The European Parliament’s recommendation to impose travel restrictions on Russian officials is an attempt to influence Russia’s justice system, the Russian Foreign Ministry said on Wednesday.

The European Parliament recommended on Tuesday that the Council of the European Union impose sanctions against Russian officials involved in the incarceration of Moscow lawyer Sergei Magnitsky, who died in pre-trial detention in 2009.

“We regard such actions as yet another attempt to politicize the issue and put pressure on Russia’s justice system,” the ministry’s press service said in a statement.

The ministry described the recommendation as a “quite shallow and politically motivated document.”
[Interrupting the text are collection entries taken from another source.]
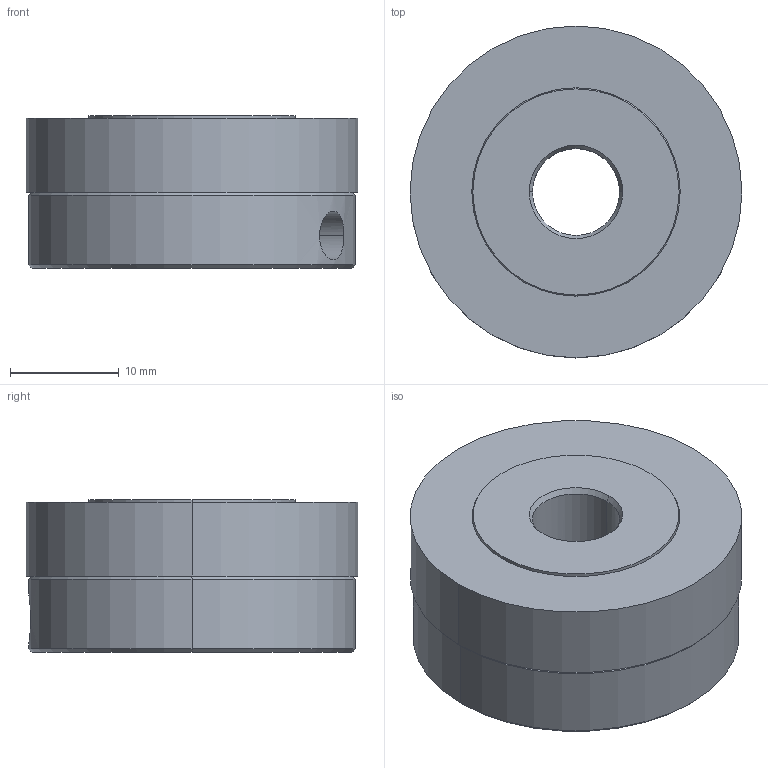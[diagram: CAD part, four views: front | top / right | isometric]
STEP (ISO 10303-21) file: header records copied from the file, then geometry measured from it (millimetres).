
FILE_DESCRIPTION(('STEP AP214'),'1');
FILE_NAME('11706601-a.stp','2023-07-18T07:32:01',(' '),(' '),'Spatial InterOp 3D',' ',' ');
FILE_SCHEMA(('automotive_design'));
Length unit declared in the file: millimetre
Products named in the file (1): 1
Bounding box: 30.5 x 30.5 x 14 mm (x, y, z)
Volume: 9009.6 mm3; surface area: 3990.2 mm2
Topology: 1 solids, 2 shells, 79 faces, 187 edges, 113 vertices
Faces by surface type: cone 28, cylinder 26, plane 21, torus 4
Entity records: 2900 total; most frequent: CARTESIAN_POINT 462, DIRECTION 388, ORIENTED_EDGE 358, EDGE_CURVE 179, AXIS2_PLACEMENT_3D 155, VERTEX_POINT 113, EDGE_LOOP 92, STYLED_ITEM 80
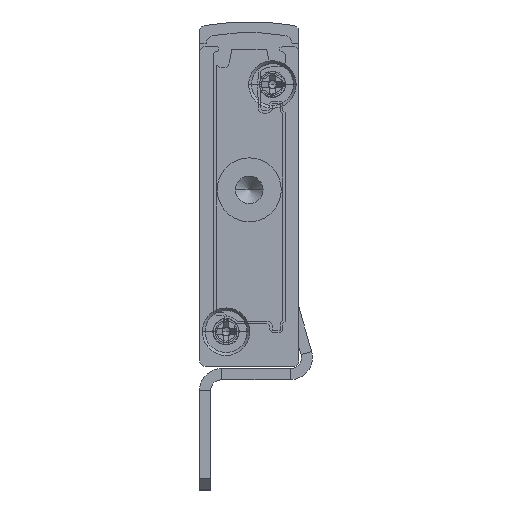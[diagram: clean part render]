
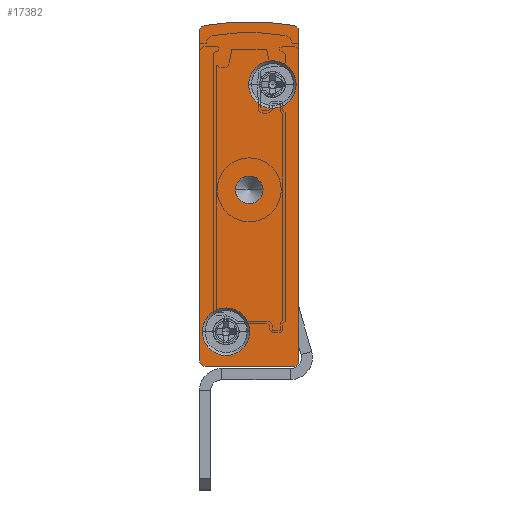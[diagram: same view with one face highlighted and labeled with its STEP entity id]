
A CAD part, front view. The second image highlights one B-rep face of the part: STEP entity #17382.
In plain terms, the highlighted planar face has unit normal (0, -1, 0).
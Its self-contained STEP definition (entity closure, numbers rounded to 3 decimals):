
#1344 = VERTEX_POINT ( 'NONE', #13252 ) ;
#1532 = DIRECTION ( 'NONE',  ( -1., 0., 0. ) ) ;
#1560 = EDGE_CURVE ( 'NONE', #25888, #1344, #18827, .T. ) ;
#1565 = CARTESIAN_POINT ( 'NONE',  ( -8.5, -2.5, 0.5 ) ) ;
#1687 = AXIS2_PLACEMENT_3D ( 'NONE', #26930, #15913, #6608 ) ;
#1790 = AXIS2_PLACEMENT_3D ( 'NONE', #9754, #27647, #24620 ) ;
#1881 = DIRECTION ( 'NONE',  ( -1., 0., 0. ) ) ;
#2423 = VERTEX_POINT ( 'NONE', #25175 ) ;
#2668 = EDGE_CURVE ( 'NONE', #2423, #22062, #21612, .T. ) ;
#2703 = CARTESIAN_POINT ( 'NONE',  ( -6.6, -2.5, 3.15 ) ) ;
#2990 = VECTOR ( 'NONE', #26807, 1000. ) ;
#3315 = ORIENTED_EDGE ( 'NONE', *, *, #2668, .F. ) ;
#3663 = CARTESIAN_POINT ( 'NONE',  ( -8.5, -2.5, 30.402 ) ) ;
#4084 = VERTEX_POINT ( 'NONE', #27625 ) ;
#4116 = FACE_BOUND ( 'NONE', #30856, .T. ) ;
#4187 = AXIS2_PLACEMENT_3D ( 'NONE', #32369, #36835, #1881 ) ;
#4468 = CARTESIAN_POINT ( 'NONE',  ( -0.408, -2.5, 30.893 ) ) ;
#4501 = ORIENTED_EDGE ( 'NONE', *, *, #18955, .F. ) ;
#4964 = EDGE_CURVE ( 'NONE', #20006, #8072, #5554, .T. ) ;
#5176 = CARTESIAN_POINT ( 'NONE',  ( -4.45, -2.5, 3.15 ) ) ;
#5554 = CIRCLE ( 'NONE', #1790, 0.5 ) ;
#6430 = PLANE ( 'NONE',  #25185 ) ;
#6478 = DIRECTION ( 'NONE',  ( -1., 0., 0. ) ) ;
#6482 = CARTESIAN_POINT ( 'NONE',  ( -8.5, -2.5, 0. ) ) ;
#6608 = DIRECTION ( 'NONE',  ( -1., 0., 0. ) ) ;
#6827 = DIRECTION ( 'NONE',  ( 0., 0., -1. ) ) ;
#6993 = ORIENTED_EDGE ( 'NONE', *, *, #8777, .T. ) ;
#7043 = ORIENTED_EDGE ( 'NONE', *, *, #10361, .F. ) ;
#7127 = VERTEX_POINT ( 'NONE', #27093 ) ;
#7871 = DIRECTION ( 'NONE',  ( 0., -1., 0. ) ) ;
#8072 = VERTEX_POINT ( 'NONE', #15441 ) ;
#8303 = CARTESIAN_POINT ( 'NONE',  ( -2.4, -2.5, 25.55 ) ) ;
#8447 = LINE ( 'NONE', #21666, #19376 ) ;
#8777 = EDGE_CURVE ( 'NONE', #4084, #25444, #26194, .T. ) ;
#9386 = CARTESIAN_POINT ( 'NONE',  ( -8.592, -2.5, 30.893 ) ) ;
#9754 = CARTESIAN_POINT ( 'NONE',  ( -0.5, -2.5, 30.402 ) ) ;
#10130 = ORIENTED_EDGE ( 'NONE', *, *, #28804, .F. ) ;
#10137 = CARTESIAN_POINT ( 'NONE',  ( -8.5, -2.5, 30.402 ) ) ;
#10212 = AXIS2_PLACEMENT_3D ( 'NONE', #8303, #25425, #22268 ) ;
#10361 = EDGE_CURVE ( 'NONE', #22062, #11155, #14360, .T. ) ;
#10544 = DIRECTION ( 'NONE',  ( -1., 0., 0. ) ) ;
#11032 = AXIS2_PLACEMENT_3D ( 'NONE', #1565, #21988, #10544 ) ;
#11155 = VERTEX_POINT ( 'NONE', #37093 ) ;
#11214 = CARTESIAN_POINT ( 'NONE',  ( -2.4, -2.5, 25.55 ) ) ;
#11517 = ORIENTED_EDGE ( 'NONE', *, *, #14956, .F. ) ;
#11828 = FACE_OUTER_BOUND ( 'NONE', #25481, .T. ) ;
#12345 = CARTESIAN_POINT ( 'NONE',  ( -4.55, -2.5, 25.55 ) ) ;
#12347 = AXIS2_PLACEMENT_3D ( 'NONE', #33661, #28300, #28040 ) ;
#13222 = EDGE_CURVE ( 'NONE', #25444, #4084, #25814, .T. ) ;
#13229 = ORIENTED_EDGE ( 'NONE', *, *, #27499, .F. ) ;
#13252 = CARTESIAN_POINT ( 'NONE',  ( -0.25, -2.5, 25.55 ) ) ;
#13507 = CIRCLE ( 'NONE', #10212, 2.15 ) ;
#13705 = DIRECTION ( 'NONE',  ( 1., 0., 0. ) ) ;
#13954 = ORIENTED_EDGE ( 'NONE', *, *, #13222, .T. ) ;
#13982 = AXIS2_PLACEMENT_3D ( 'NONE', #34169, #7871, #13705 ) ;
#14303 = CIRCLE ( 'NONE', #13982, 2.15 ) ;
#14360 = CIRCLE ( 'NONE', #11032, 0.5 ) ;
#14745 = ORIENTED_EDGE ( 'NONE', *, *, #4964, .F. ) ;
#14956 = EDGE_CURVE ( 'NONE', #18941, #20006, #19692, .T. ) ;
#15441 = CARTESIAN_POINT ( 'NONE',  ( 0., -2.5, 30.402 ) ) ;
#15913 = DIRECTION ( 'NONE',  ( 0., 1., 0. ) ) ;
#16089 = VERTEX_POINT ( 'NONE', #21597 ) ;
#16217 = EDGE_CURVE ( 'NONE', #7127, #18941, #32976, .T. ) ;
#16339 = EDGE_CURVE ( 'NONE', #30312, #23930, #14303, .T. ) ;
#16539 = AXIS2_PLACEMENT_3D ( 'NONE', #11214, #37651, #17104 ) ;
#16722 = CIRCLE ( 'NONE', #19302, 2.15 ) ;
#17104 = DIRECTION ( 'NONE',  ( 1., 0., 0. ) ) ;
#17382 = ADVANCED_FACE ( 'NONE', ( #32806, #4116, #11828, #28204 ), #6430, .F. ) ;
#18231 = EDGE_CURVE ( 'NONE', #16089, #2423, #37682, .T. ) ;
#18235 = CARTESIAN_POINT ( 'NONE',  ( -8.5, -2.5, 0. ) ) ;
#18469 = CARTESIAN_POINT ( 'NONE',  ( -4.5, -2.5, 7.592 ) ) ;
#18827 = CIRCLE ( 'NONE', #16539, 2.15 ) ;
#18941 = VERTEX_POINT ( 'NONE', #9386 ) ;
#18955 = EDGE_CURVE ( 'NONE', #8072, #16089, #35299, .T. ) ;
#18982 = DIRECTION ( 'NONE',  ( 0., 1., 0. ) ) ;
#19302 = AXIS2_PLACEMENT_3D ( 'NONE', #2703, #20410, #31529 ) ;
#19376 = VECTOR ( 'NONE', #24713, 1000. ) ;
#19692 = CIRCLE ( 'NONE', #34739, 23.658 ) ;
#19893 = VECTOR ( 'NONE', #6827, 1000. ) ;
#20006 = VERTEX_POINT ( 'NONE', #4468 ) ;
#20410 = DIRECTION ( 'NONE',  ( 0., -1., 0. ) ) ;
#21200 = DIRECTION ( 'NONE',  ( -1., 0., 0. ) ) ;
#21533 = CARTESIAN_POINT ( 'NONE',  ( -3.25, -2.5, 16. ) ) ;
#21597 = CARTESIAN_POINT ( 'NONE',  ( 0., -2.5, 0.5 ) ) ;
#21612 = LINE ( 'NONE', #6482, #2990 ) ;
#21666 = CARTESIAN_POINT ( 'NONE',  ( -9., -2.5, 30.402 ) ) ;
#21988 = DIRECTION ( 'NONE',  ( 0., 1., 0. ) ) ;
#22062 = VERTEX_POINT ( 'NONE', #18235 ) ;
#22268 = DIRECTION ( 'NONE',  ( 1., 0., 0. ) ) ;
#23930 = VERTEX_POINT ( 'NONE', #5176 ) ;
#24253 = CARTESIAN_POINT ( 'NONE',  ( -8.75, -2.5, 3.15 ) ) ;
#24620 = DIRECTION ( 'NONE',  ( -1., 0., 0. ) ) ;
#24713 = DIRECTION ( 'NONE',  ( 0., 0., 1. ) ) ;
#25175 = CARTESIAN_POINT ( 'NONE',  ( -0.5, -2.5, 0. ) ) ;
#25185 = AXIS2_PLACEMENT_3D ( 'NONE', #3663, #35530, #21200 ) ;
#25425 = DIRECTION ( 'NONE',  ( 0., -1., 0. ) ) ;
#25444 = VERTEX_POINT ( 'NONE', #21533 ) ;
#25481 = EDGE_LOOP ( 'NONE', ( #33806, #10130, #7043, #3315, #31494, #4501, #14745, #11517 ) ) ;
#25740 = ORIENTED_EDGE ( 'NONE', *, *, #16339, .F. ) ;
#25814 = CIRCLE ( 'NONE', #1687, 1.25 ) ;
#25888 = VERTEX_POINT ( 'NONE', #12345 ) ;
#26194 = CIRCLE ( 'NONE', #4187, 1.25 ) ;
#26807 = DIRECTION ( 'NONE',  ( -1., 0., 0. ) ) ;
#26930 = CARTESIAN_POINT ( 'NONE',  ( -4.5, -2.5, 16. ) ) ;
#27033 = CARTESIAN_POINT ( 'NONE',  ( 0., -2.5, 30.402 ) ) ;
#27093 = CARTESIAN_POINT ( 'NONE',  ( -9., -2.5, 30.402 ) ) ;
#27499 = EDGE_CURVE ( 'NONE', #1344, #25888, #13507, .T. ) ;
#27518 = ORIENTED_EDGE ( 'NONE', *, *, #1560, .F. ) ;
#27565 = EDGE_CURVE ( 'NONE', #23930, #30312, #16722, .T. ) ;
#27625 = CARTESIAN_POINT ( 'NONE',  ( -5.75, -2.5, 16. ) ) ;
#27647 = DIRECTION ( 'NONE',  ( 0., 1., 0. ) ) ;
#28040 = DIRECTION ( 'NONE',  ( -1., 0., 0. ) ) ;
#28204 = FACE_BOUND ( 'NONE', #31065, .T. ) ;
#28300 = DIRECTION ( 'NONE',  ( 0., 1., 0. ) ) ;
#28804 = EDGE_CURVE ( 'NONE', #11155, #7127, #8447, .T. ) ;
#29421 = EDGE_LOOP ( 'NONE', ( #13229, #27518 ) ) ;
#30312 = VERTEX_POINT ( 'NONE', #24253 ) ;
#30856 = EDGE_LOOP ( 'NONE', ( #36024, #25740 ) ) ;
#31065 = EDGE_LOOP ( 'NONE', ( #6993, #13954 ) ) ;
#31494 = ORIENTED_EDGE ( 'NONE', *, *, #18231, .F. ) ;
#31529 = DIRECTION ( 'NONE',  ( 1., 0., 0. ) ) ;
#32369 = CARTESIAN_POINT ( 'NONE',  ( -4.5, -2.5, 16. ) ) ;
#32454 = AXIS2_PLACEMENT_3D ( 'NONE', #10137, #18982, #1532 ) ;
#32806 = FACE_BOUND ( 'NONE', #29421, .T. ) ;
#32976 = CIRCLE ( 'NONE', #32454, 0.5 ) ;
#33661 = CARTESIAN_POINT ( 'NONE',  ( -0.5, -2.5, 0.5 ) ) ;
#33806 = ORIENTED_EDGE ( 'NONE', *, *, #16217, .F. ) ;
#34169 = CARTESIAN_POINT ( 'NONE',  ( -6.6, -2.5, 3.15 ) ) ;
#34739 = AXIS2_PLACEMENT_3D ( 'NONE', #18469, #35960, #6478 ) ;
#35299 = LINE ( 'NONE', #27033, #19893 ) ;
#35530 = DIRECTION ( 'NONE',  ( 0., 1., 0. ) ) ;
#35960 = DIRECTION ( 'NONE',  ( 0., 1., 0. ) ) ;
#36024 = ORIENTED_EDGE ( 'NONE', *, *, #27565, .F. ) ;
#36835 = DIRECTION ( 'NONE',  ( 0., 1., 0. ) ) ;
#37093 = CARTESIAN_POINT ( 'NONE',  ( -9., -2.5, 0.5 ) ) ;
#37651 = DIRECTION ( 'NONE',  ( 0., -1., 0. ) ) ;
#37682 = CIRCLE ( 'NONE', #12347, 0.5 ) ;
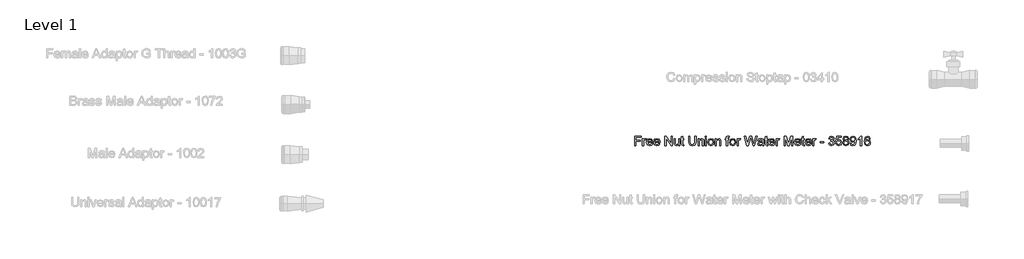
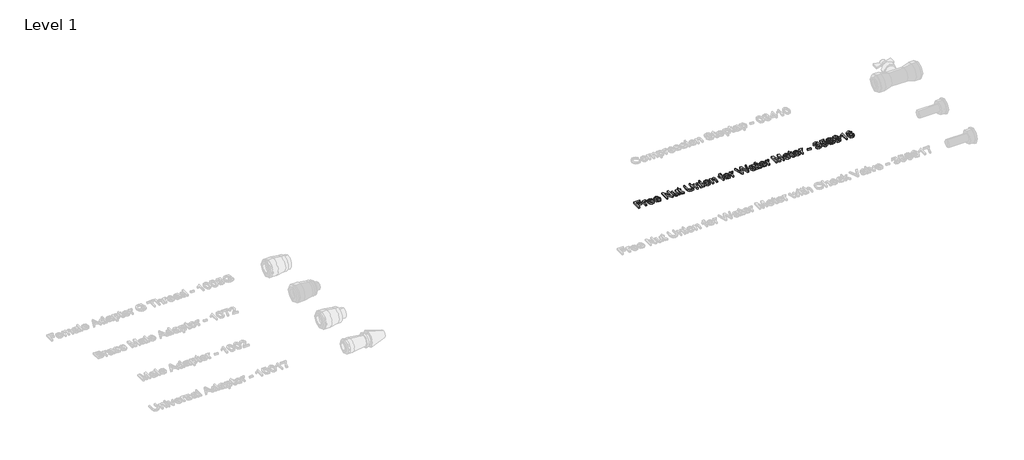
# One storey, part 12 of 13: 1 proxy.
"""IFC4 building model written with IfcOpenShell, lengths in millimetres."""

import ifcopenshell
import ifcopenshell.guid

model = None  # the IFC model being written
_history = None  # IfcOwnerHistory: only IFC2X3 demands one
_inside = {}  # id of a spatial element -> (the spatial element, [elements in it])
_under = {}  # id of a project, library or spatial element -> (it, [spatial elements below it])
_declared = {}  # id of a project -> (the project, [libraries it declares])
_typed = {}  # id of a type object -> (the type object, [elements of that type])
_made_of = {}  # id of a material, layer set ... -> (it, [elements and type objects made of it])


def new_model(schema):
    """Start an empty IFC model of exactly this schema.

    Asked for "IFC4X3", IfcOpenShell would pick the latest addendum, in which some entities
    have other attributes; the version numbers below select the first issue.
    IFC2X3 requires an IfcOwnerHistory on every rooted entity: one is made here for all.
    """
    global model, _history
    if schema == "IFC4X3":
        model = ifcopenshell.file(schema_version=(4, 3, 0, 0))
    else:
        model = ifcopenshell.file(schema=schema)
    _inside.clear()
    _under.clear()
    _declared.clear()
    _typed.clear()
    _made_of.clear()
    _history = None
    if model.schema == "IFC2X3":
        org = make("IfcOrganization", Name="unknown")
        user = make(
            "IfcPersonAndOrganization",
            ThePerson=make("IfcPerson", FamilyName="unknown"),
            TheOrganization=org,
        )
        app = make(
            "IfcApplication",
            ApplicationDeveloper=org,
            Version="unknown",
            ApplicationFullName="unknown",
            ApplicationIdentifier="unknown",
        )
        _history = make(
            "IfcOwnerHistory",
            OwningUser=user,
            OwningApplication=app,
            ChangeAction="ADDED",
            CreationDate=0,
        )
    return model


def make(cls, **values):
    """One entity of the class cls with the attributes given. An attribute that is None is left unset."""
    return model.create_entity(
        cls, **{name: value for name, value in values.items() if value is not None}
    )


def rooted(cls, **values):
    """An entity with a GlobalId (a new one), such as an element, a storey or a relation."""
    return make(cls, GlobalId=ifcopenshell.guid.new(), OwnerHistory=_history, **values)


def si_unit(unit_type, name, prefix=None):
    """IfcSIUnit, for example si_unit("LENGTHUNIT", "METRE", prefix="MILLI")."""
    return make("IfcSIUnit", UnitType=unit_type, Prefix=prefix, Name=name)


def assignment(units):
    """IfcUnitAssignment: the units of a project."""
    return None if units is None else make("IfcUnitAssignment", Units=units)


def point(xyz):
    """IfcCartesianPoint."""
    return None if xyz is None else make("IfcCartesianPoint", Coordinates=xyz)


def direction(xyz):
    """IfcDirection."""
    return None if xyz is None else make("IfcDirection", DirectionRatios=xyz)


def frame(location, z_axis=None, x_axis=None):
    """IfcAxis2Placement3D, a coordinate frame: its origin and axes. An axis left out is left unset."""
    return make(
        "IfcAxis2Placement3D",
        Location=point(location),
        Axis=direction(z_axis),
        RefDirection=direction(x_axis),
    )


def origin():
    """The frame at (0, 0, 0) with its axes left unset."""
    return frame((0.0, 0.0, 0.0))


def origin_with_axes():
    """The frame at (0, 0, 0) with the z axis (0, 0, 1) and the x axis (1, 0, 0) written out."""
    return frame((0.0, 0.0, 0.0), z_axis=(0.0, 0.0, 1.0), x_axis=(1.0, 0.0, 0.0))


def place(relative_to, where):
    """IfcLocalPlacement: puts the frame where relative to a parent placement (None: the world)."""
    return make(
        "IfcLocalPlacement", PlacementRelTo=relative_to, RelativePlacement=where
    )


def context(
    kind, dimensions, precision=None, world=None, true_north=None, identifier=None
):
    """IfcGeometricRepresentationContext, for example the 3D "Model" context."""
    return make(
        "IfcGeometricRepresentationContext",
        ContextIdentifier=identifier,
        ContextType=kind,
        CoordinateSpaceDimension=dimensions,
        Precision=precision,
        WorldCoordinateSystem=world,
        TrueNorth=true_north,
    )


def project(units=None, contexts=None):
    """IfcProject with its units and contexts."""
    return rooted(
        "IfcProject",
        Name="project",
        RepresentationContexts=contexts,
        UnitsInContext=assignment(units),
    )


def spatial(cls, under=None, at=None, **own):
    """A site, building, storey or space (cls), placed at a placement, below another one or the project."""
    s = rooted(cls, ObjectPlacement=at, **own)
    if under is not None:
        _under.setdefault(under.id(), (under, []))[1].append(s)
    return s


def polyline(points):
    """IfcPolyline through the points."""
    return make("IfcPolyline", Points=[point(p) for p in points])


def outline(outer, holes=None, kind="AREA"):
    """IfcArbitraryClosedProfileDef: a profile drawn as a closed curve; with holes, ...WithVoids."""
    if holes is None:
        return make("IfcArbitraryClosedProfileDef", ProfileType=kind, OuterCurve=outer)
    return make(
        "IfcArbitraryProfileDefWithVoids",
        ProfileType=kind,
        OuterCurve=outer,
        InnerCurves=holes,
    )


def extrude(swept, where, along, depth):
    """IfcExtrudedAreaSolid: the profile swept, set in the frame where, extruded along a direction by depth."""
    return make(
        "IfcExtrudedAreaSolid",
        SweptArea=swept,
        Position=where,
        ExtrudedDirection=direction(along),
        Depth=depth,
    )


def shape(context_of_items, identifier, shape_type, items):
    """IfcShapeRepresentation: the items that make up one representation, for example the "Body"."""
    return make(
        "IfcShapeRepresentation",
        ContextOfItems=context_of_items,
        RepresentationIdentifier=identifier,
        RepresentationType=shape_type,
        Items=items,
    )


def made_of(thing, what):
    """Note that an element or type object is made of a material, layer set ...; save() writes the relation."""
    if what is not None:
        _made_of.setdefault(what.id(), (what, []))[1].append(thing)
    return thing


def element(
    cls,
    number,
    at=None,
    inside=None,
    cuts=None,
    type_object=None,
    material=None,
    context=None,
    identifier="Body",
    shape_type=None,
    held_by="IfcProductDefinitionShape",
    body=None,
    shapes=None,
    **own,
):
    """One element of the class cls, such as IfcWall. Its Tag is "e" and its number.

    at: its placement. inside: the storey or other place that contains it. cuts: it is an
    opening in that element (IfcRelVoidsElement). A single representation is given by context,
    identifier, shape_type and body (its items); several are given by shapes. held_by: the class
    of the entity that holds the representations. save() writes the other relations.
    """
    e = rooted(cls, Tag="e%d" % number, ObjectPlacement=at, **own)
    if body is not None:
        shapes = [shape(context, identifier, shape_type, body)]
    if shapes is not None:
        e.Representation = make(held_by, Representations=shapes)
    if inside is not None:
        _inside.setdefault(inside.id(), (inside, []))[1].append(e)
    if cuts is not None:
        rooted(
            "IfcRelVoidsElement", RelatingBuildingElement=cuts, RelatedOpeningElement=e
        )
    if type_object is not None:
        _typed.setdefault(type_object.id(), (type_object, []))[1].append(e)
    return made_of(e, material)


def aggregate(whole, parts):
    """IfcRelAggregates: a whole, such as a stair, and the parts it consists of."""
    return rooted("IfcRelAggregates", RelatingObject=whole, RelatedObjects=parts)


def save(model, path):
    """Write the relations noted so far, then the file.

“We call on the European parliament to pay due attention to human rights issues in the EU members, including, for example, blatant violations of Russian-language minority rights in the Baltic states and the glorification of Nazi collaborators in those countries, instead of interfering into domestic affairs of other states.”

The 37-year-old Magnitsky, an auditor working for Hermitage Capital, a UK-based fund with major investments in Russia, was arrested on tax evasion charges in November 2008, just days after accusing police investigators and tax officials of involvement in a $230-million tax refund fraud. He died after almost a year in the Matrosskaya Tishina pre-trial detention center in Moscow.

A probe into his death revealed that the lawyer, who was suffering from untreated pancreatitis and a heart condition, did not receive proper medical treatment. Rights activists pointed to multiple violations of the lawyer’s rights during his arrest and detention, including signs that he was beaten by prison guards hours before his death.

In the United States, the Magnitsky Rule of Law Accountability Act with amendments seeks to impose visa bans and asset freezes on Russian officials allegedly involved in the torture and death of the Russian anti-corruption lawyer, as well as in other gross human rights abuses in Russia.

The U.S. State Department imposed visa bans in July 2011 on several dozen Russian officials in connection to the Magnitsky case. In response, Russia has imposed travel bans on several U.S. officials.